# GT: Game 24 vs Raptors 12/20



## qross1fan (Dec 28, 2004)

*







@








Los Angeles Clipper(10-13)@
Toronto Raptors(10-15)

WHEN: Wednsday December 20th at 7:30 PM PST; 10:30 PM EST
WHERE: Staples Center in Los Angeles, California
MEDIA: FSN Prime Ticket; NBALeaguePass; ESPN AM 710



Clippers Projected Starters







|







|







|







|








Shaun Livingston | Cuttino Mobley | Quinton Ross | Elton Brand | Chris Kaman

Key Reserves







|







|








Daniel Ewing | James Singleton | Paul Davis

Raptors Projected Starters







|







|







|







|








 TJ Ford | Anthony Parker | Joey Graham | Jorge Garbajosa | Radoslav Nesterovic

Raptors Key Reserves







|







|








Fred Jones | Morris Peterson | Andrea Bargnani

Q's Quote:
"Remember the game versus the Magic after losing to the Lakers, well I expect an ENCORE."

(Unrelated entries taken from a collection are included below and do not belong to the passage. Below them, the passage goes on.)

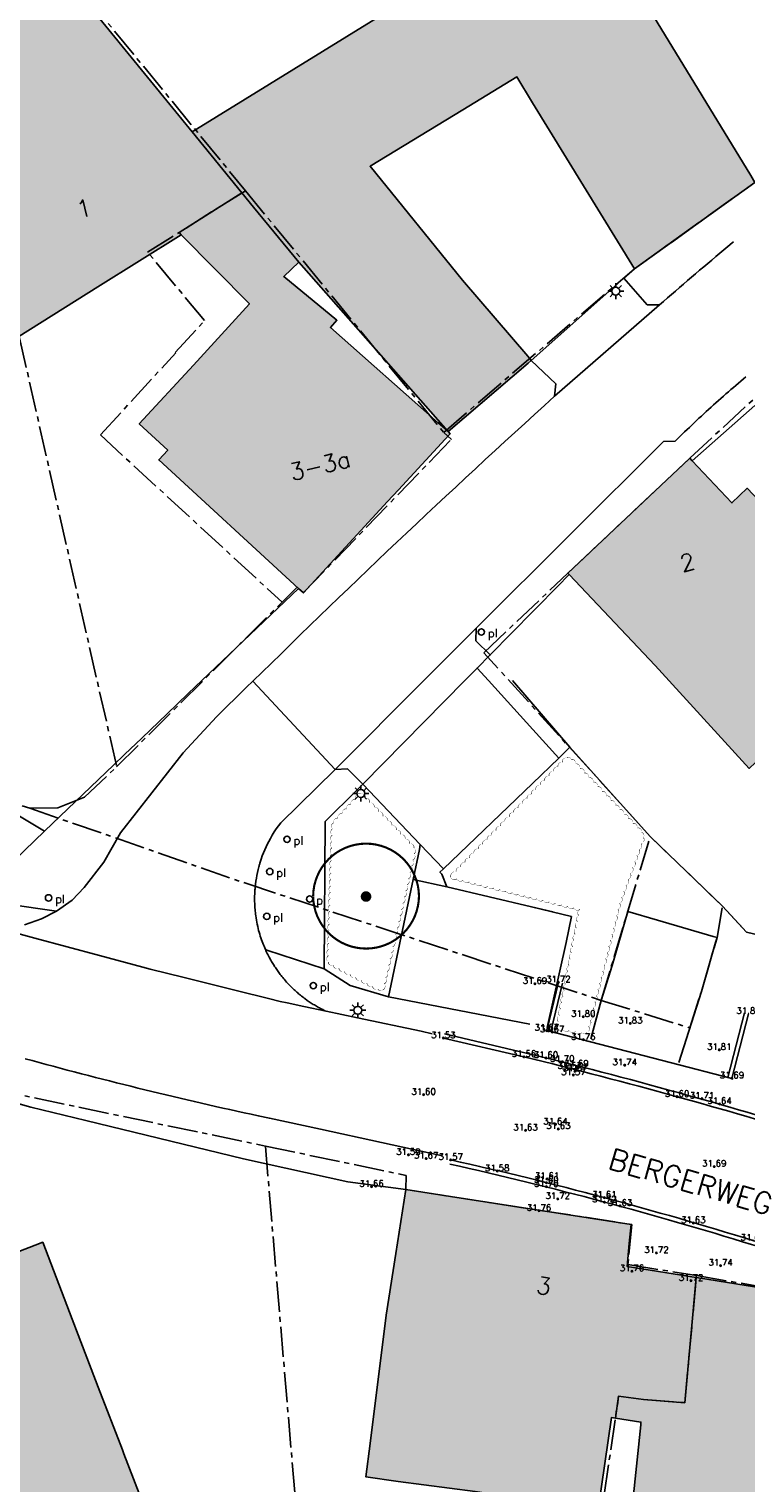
# Model space of a CAD drawing. Header units: metres. Extents: x 202952 to 203755, y 348879 to 349702.
# Tile 40 of 82: x 203286 to 203320, y 349422 to 349491. Entities that reach past the tile are written whole.
import ezdxf
from ezdxf.enums import TextEntityAlignment as Align

# ---------------------------------------------------------------- set-up
doc = ezdxf.new("R2010")
doc.units = ezdxf.units.M
doc.linetypes.add('1-200 CENTER', pattern=[4.28625, 2.8575, -0.47625, 0.47625, -0.47625])
doc.linetypes.add('1-200 DASHDOT', pattern=[2.54, 1.27, -0.635, 0, -0.635])
for name, color, linetype in [('bgt.onbegroeidterreindeel', 252, 'Continuous'), ('PH-BEST-BEBOUWING', 1, 'Continuous'), ('PH-BEST-BEBOUWING-ARCERING', 254, 'Continuous'), ('PH-BEST-BEGROEIIING', 252, 'Continuous'), ('PH-BEST-HUISNUMMER', 7, 'Continuous'), ('PH-BEST-KADASTRALE-GRENS', 240, '1-200 CENTER'), ('PH-BEST-LICHTMAST-HANDHAVENB', 6, 'Continuous'), ('PH-BEST-PAAL', 6, 'Continuous'), ('PH-BEST-STRAATNAAM-MAATVOERING', 7, 'Continuous'), ('PH-BEST-WEGDEEL', 253, 'Continuous'), ('PH-INM-BOOM-HANDHAVEN', 96, 'Continuous'), ('PH-INM-HOOGTE', 20, 'Continuous'), ('PH-INM-HOOGTEPUNT', 20, 'Continuous'), ('PH-INM-KANTVERHARDING', 253, 'Continuous')]:
    doc.layers.add(name, color=color, linetype=linetype)
doc.layers.add('PH-BEST-INDACTIEF INGETEKEND', color=35, linetype='1-200 DASHDOT', transparency=0.4)
doc.styles.add('ISO', font='ISO')
doc.styles.add('RDL_MAATVOERING', font='romans.shx')
doc.styles.add('ROMANS', font='romans.shx')

# ---------------------------------------------------------------- blocks, each defined once
blk = doc.blocks.new('Afzetpaal')
blk.add_circle((0, 0), 0.15)
at = {"style": 'RDL_MAATVOERING'}
blk.add_text('pl', height=0.4, dxfattribs=at).set_placement((0.302, -0.254))
blk = doc.blocks.new('Lichtmast 2')
at = {"flags": 128}
for points in [[(-0.5, 0), (-0.25, 0)], [(-0.354, 0.354), (-0.177, 0.177)], [(0, 0.25), (0, 0.5)], [(0.177, 0.177), (0.354, 0.354)], [(0.25, 0), (0.5, 0)], [(-0.354, -0.354), (-0.177, -0.177)], [(0, -0.5), (0, -0.25)], [(0.177, -0.177), (0.354, -0.354)]]:
    blk.add_lwpolyline(points, dxfattribs=at)
blk.add_circle((0, 0), 0.25)
blk = doc.blocks.new('MARKER', base_point=(45, 10))
at = {"color": 0}
for radius in [0.35, 0.25]:
    blk.add_circle((45, 10), radius, dxfattribs=at)
at = {"color": 0, "style": 'ISO'}
blk.add_attdef('MARKER', (45.6, 10), '', height=0.9, dxfattribs=at)
blk = doc.blocks.new('*U15')
at = {"const_width": 0.1}
blk.add_lwpolyline([(-2.5, 0.004, 0.990403), (2.5, 0.03, 0.990403), (-2.5, 0.018)], format="xyb", dxfattribs=at)
at = {"linetype": 'Continuous', "const_width": 0.25}
blk.add_lwpolyline([(-0.125, 0, 1), (0.125, 0, 1)], format="xyb", close=True, dxfattribs=at)

msp = doc.modelspace()

# ---------------------------------------------------------------- hatches: boundary and pattern name
at = {"layer": 'PH-BEST-BEBOUWING-ARCERING'}
for points in [[(203278.607, 349484.593), (203274.903, 349489.058), (203276.939, 349490.322), (203273.662, 349495.922), (203272.496, 349497.914), (203281.234, 349503.066), (203285.692, 349495.755), (203293.706, 349485.925), (203296.053, 349483.045), (203293.081, 349481.179), (203293.189, 349481.07), (203289.248, 349478.601), (203285.517, 349476.263), (203282.61, 349479.768), (203281.217, 349481.446)], [(203296.053, 349483.045), (203293.706, 349485.925), (203311.964, 349497.205), (203315.499, 349491.405), (203320.089, 349483.87), (203320.29, 349483.54), (203314.6, 349479.46), (203309.783, 349487.301), (203309.045, 349488.528), (203306.482, 349486.969), (203302.104, 349484.306), (203306.47, 349478.925), (203309.557, 349475.324), (203309.724, 349475.129), (203309.571, 349474.998), (203305.803, 349471.765), (203305.787, 349471.781), (203298.735, 349479.78), (203296.605, 349482.368)], [(203298.718, 349464.361), (203292.12, 349470.43), (203292.55, 349470.89), (203291.2, 349472.13), (203293.757, 349474.914), (203296.409, 349477.801), (203293.189, 349481.07), (203293.081, 349481.179), (203296.053, 349483.045), (203296.605, 349482.368), (203298.735, 349479.78), (203298.031, 349479.101), (203300.538, 349477.025), (203300.237, 349476.689), (203305.327, 349472.186), (203305.421, 349472.103), (203305.787, 349471.781), (203305.803, 349471.765), (203305.885, 349471.668), (203305.838, 349471.617), (203303.445, 349469.017), (203302.937, 349468.465), (203298.957, 349464.141)], [(203311.513, 349465.013), (203311.45, 349465.08), (203317.21, 349470.51), (203317.323, 349470.39), (203319.2, 349468.4), (203319.93, 349469.09), (203323.715, 349465.085), (203324.05, 349464.73), (203326.145, 349462.322), (203326.183, 349462.279), (203328.726, 349464.804), (203328.766, 349464.762), (203328.821, 349464.704), (203328.84, 349464.722), (203333.737, 349459.499), (203328.207, 349454.492), (203323.606, 349459.252), (203320.018, 349455.855), (203315.57, 349460.71)], [(203314.353, 349433.405), (203314.438, 349434.305), (203305.901, 349435.624), (203303.79, 349435.95), (203303.322, 349432.936), (203302.87, 349430.02), (203302.11, 349423.955), (203301.912, 349422.37), (203303.44, 349422.165), (203307.074, 349421.678), (203312.883, 349420.83), (203313.519, 349425.186), (203313.699, 349425.157), (203313.852, 349426.196), (203315.019, 349426.03), (203316.977, 349425.879), (203317.52, 349431.796), (203314.25, 349432.32)]]:
    msp.add_hatch(color=256, dxfattribs=at).paths.add_polyline_path(points)
h = msp.add_hatch(color=256, dxfattribs=at)
h.paths.add_polyline_path([(203272.72, 349438.81), (203277.149, 349440.51), (203279.043, 349441.238), (203279.96, 349441.59), (203280.108, 349441.205), (203283.371, 349432.711), (203283.54, 349432.27), (203284.263, 349430.388), (203280.408, 349428.907), (203281.734, 349425.453), (203278.378, 349424.163), (203277.654, 349426.03), (203274.87, 349433.21)], flags=17)
h.paths.add_polyline_path([(203278.378, 349424.163), (203281.734, 349425.453), (203280.408, 349428.907), (203284.263, 349430.388), (203283.54, 349432.27), (203286.29, 349433.326), (203286.64, 349433.46), (203287.908, 349430.157), (203289.268, 349426.615), (203290.403, 349423.658), (203290.48, 349423.458), (203292.185, 349419.018), (203298.528, 349421.433), (203299.761, 349411.306), (203299.427, 349411.258), (203284.31, 349409.082), (203281.855, 349415.399), (203281.944, 349415.446), (203280.346, 349420.011), (203280.162, 349419.944), (203280.032, 349419.897)], flags=16)
h.paths.add_polyline_path([(203264.22, 349420.92), (203260.73, 349425.8), (203263.278, 349427.623), (203265.153, 349428.964), (203266.53, 349429.95), (203265.76, 349431.02), (203269.56, 349433.74), (203273.05, 349428.86), (203273.526, 349428.074), (203270.676, 349426.063), (203273.003, 349422.792), (203268.147, 349419.329), (203266.939, 349418.468), (203266.258, 349417.982)], flags=16)
h = msp.add_hatch(color=256, dxfattribs=at)
h.paths.add_polyline_path([(203325.29, 349418.23), (203325.145, 349418.245), (203324.114, 349418.35), (203319.32, 349418.84), (203314.31, 349419.273), (203314.894, 349424.839), (203314.907, 349424.962), (203313.699, 349425.157), (203313.852, 349426.196), (203315.019, 349426.03), (203316.977, 349425.879), (203317.52, 349431.796), (203317.626, 349431.779), (203324.68, 349430.65), (203325.006, 349430.447), (203326.45, 349429.55), (203326.426, 349429.314), (203326.399, 349429.049)], flags=16)
h.paths.add_polyline_path([(203323.94, 349412.392), (203314.334, 349412.522), (203314.444, 349418.238), (203324.102, 349418.143)], flags=17)
h = msp.add_hatch(color=256, dxfattribs=at)
h.paths.add_polyline_path([(203325.291, 349418.23), (203325.146, 349418.245), (203324.115, 349418.35), (203319.321, 349418.84), (203314.311, 349419.273), (203314.895, 349424.839), (203314.908, 349424.962), (203313.7, 349425.157), (203313.853, 349426.196), (203315.02, 349426.03), (203316.978, 349425.879), (203317.521, 349431.796), (203317.627, 349431.779), (203324.681, 349430.65), (203325.007, 349430.447), (203326.451, 349429.55), (203326.427, 349429.314), (203326.4, 349429.049)])
h.paths.add_polyline_path([(203323.941, 349412.392), (203314.335, 349412.522), (203314.445, 349418.238), (203324.103, 349418.143)])

# ---------------------------------------------------------------- linework, layer by layer
at = {"layer": 'bgt.onbegroeidterreindeel'}
for points in [[(203294.162, 349460), (203293.519, 349459.385), (203292.505, 349458.414), (203292.12, 349458.046), (203291.323, 349457.283), (203290.511, 349456.505), (203289.987, 349456.004), (203287.829, 349453.938), (203286.732, 349452.891), (203280.288, 349456.745), (203280.628, 349457.306), (203281.195, 349458.241), (203282.261, 349460)], [(203292.185, 349419.018), (203290.48, 349423.458), (203290.403, 349423.658), (203289.268, 349426.615), (203287.908, 349430.157), (203286.64, 349433.46), (203286.29, 349433.326), (203283.54, 349432.27), (203283.54, 349432.27), (203283.371, 349432.711), (203280.108, 349441.205), (203279.96, 349441.59), (203280.71, 349441.346), (203286.084, 349439.85), (203288.678, 349439.219), (203296.132, 349437.41), (203301.057, 349436.322), (203303.79, 349435.95), (203303.322, 349432.936), (203302.87, 349430.02), (203302.11, 349423.955), (203301.912, 349422.37), (203303.44, 349422.165), (203307.074, 349421.678)], [(203312.883, 349420.83), (203313.519, 349425.186), (203313.699, 349425.157), (203314.907, 349424.962), (203314.894, 349424.839), (203314.31, 349419.273)]]:
    msp.add_lwpolyline(points, dxfattribs=at)
at = {"layer": 'PH-BEST-BEBOUWING'}
for points in [[(203278.607, 349484.593), (203274.903, 349489.058), (203276.939, 349490.322), (203273.662, 349495.922), (203272.496, 349497.914), (203281.234, 349503.066), (203285.692, 349495.755), (203293.706, 349485.925), (203296.053, 349483.045), (203293.081, 349481.179), (203293.189, 349481.07), (203289.248, 349478.601), (203285.517, 349476.263), (203282.61, 349479.768), (203281.217, 349481.446), (203278.607, 349484.593)], [(203296.053, 349483.045), (203293.706, 349485.925), (203311.964, 349497.205), (203315.499, 349491.405), (203320.089, 349483.87), (203320.29, 349483.54), (203314.6, 349479.46), (203309.783, 349487.301), (203309.045, 349488.528), (203306.482, 349486.969), (203302.104, 349484.306), (203306.47, 349478.925), (203309.557, 349475.324), (203309.724, 349475.129), (203309.571, 349474.998), (203305.803, 349471.765), (203305.787, 349471.781), (203298.735, 349479.78), (203296.605, 349482.368), (203296.053, 349483.045)], [(203298.718, 349464.361), (203292.12, 349470.43), (203292.55, 349470.89), (203291.2, 349472.13), (203293.757, 349474.914), (203296.409, 349477.801), (203293.189, 349481.07), (203293.081, 349481.179), (203296.053, 349483.045), (203296.605, 349482.368), (203298.735, 349479.78), (203298.031, 349479.101), (203300.538, 349477.025), (203300.237, 349476.689), (203305.327, 349472.186), (203305.421, 349472.103), (203305.787, 349471.781), (203305.803, 349471.765), (203305.885, 349471.668), (203305.838, 349471.617), (203303.445, 349469.017), (203302.937, 349468.465), (203298.957, 349464.141), (203298.718, 349464.361)], [(203311.513, 349465.013), (203311.45, 349465.08), (203317.21, 349470.51), (203317.323, 349470.39), (203319.2, 349468.4), (203319.93, 349469.09), (203323.715, 349465.085), (203324.05, 349464.73), (203326.145, 349462.322), (203326.183, 349462.279), (203328.726, 349464.804), (203328.766, 349464.762), (203328.821, 349464.704), (203328.84, 349464.722), (203333.737, 349459.499), (203328.207, 349454.492), (203323.606, 349459.252), (203320.018, 349455.855), (203315.57, 349460.71), (203311.513, 349465.013)], [(203307.074, 349421.678), (203303.44, 349422.165), (203301.912, 349422.37), (203302.11, 349423.955), (203302.87, 349430.02), (203303.322, 349432.936), (203303.79, 349435.95), (203305.901, 349435.624), (203314.438, 349434.305), (203314.353, 349433.405), (203314.25, 349432.32), (203317.52, 349431.796), (203316.977, 349425.879), (203315.019, 349426.03), (203313.852, 349426.196), (203313.699, 349425.157), (203313.519, 349425.186), (203312.883, 349420.83), (203307.074, 349421.678)], [(203278.378, 349424.163), (203281.734, 349425.453), (203280.408, 349428.907), (203284.263, 349430.388), (203283.54, 349432.27), (203286.29, 349433.326), (203286.64, 349433.46), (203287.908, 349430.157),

Q's Prediciton: Clippers Win 109-84
Q's Prediction Record: 13-8

*​


----------



## Weasel (Oct 18, 2003)

I think I read somewhere that Cassell hopes to play in this game. That is good to hear as the Clippers need their players to be healthy. Toronto played last night so they should be somewhat tired which is good for the Clippers. The Clippers need this game, badly.


----------



## squeemu (Jan 25, 2006)

Seriously. I'll take ANY win now. They'd better get this one.


----------



## ElMarroAfamado (Nov 1, 2005)

good ole Clippers....this loss at the buzzer takes me back to that season when the likes of Bibby...Cassell beat us at the buzzer numerous times a season....
i swear with the 14 seconds left i told a friend 
"look, the Clippers are gonna lose at the buzzer...." 

and well


----------



## yamaneko (Jan 1, 2003)

yup, what did i say. Where is iverson? WIth iverson we win this game period. With iverson we probably would have been up most of the game, but lets say he didnt even play, going into the last play, as usual the clipper players cant figure out a dunleavvy play and end up standing around, no one wanting the ball (2004 season anyone?) Iverson, (or any superstar for that matter, which is what ive said all along, we need a superstar), as soon as he sees the play not working, wouldnt keep trying to run it, hed be like screw this lets get er done. Even if he missed it, i guarantee we would have had a better look than mobley dribbling all over creation, then throwing up an airball.

On the last play. WHy isnt Q Ross looking at the time on the other side of the court? WHy isnt anyone counting out the time to him? Since thers 2 seconds left, he should know he should not be backing down. He should make Ford go AROUND him, since thers not enough time. 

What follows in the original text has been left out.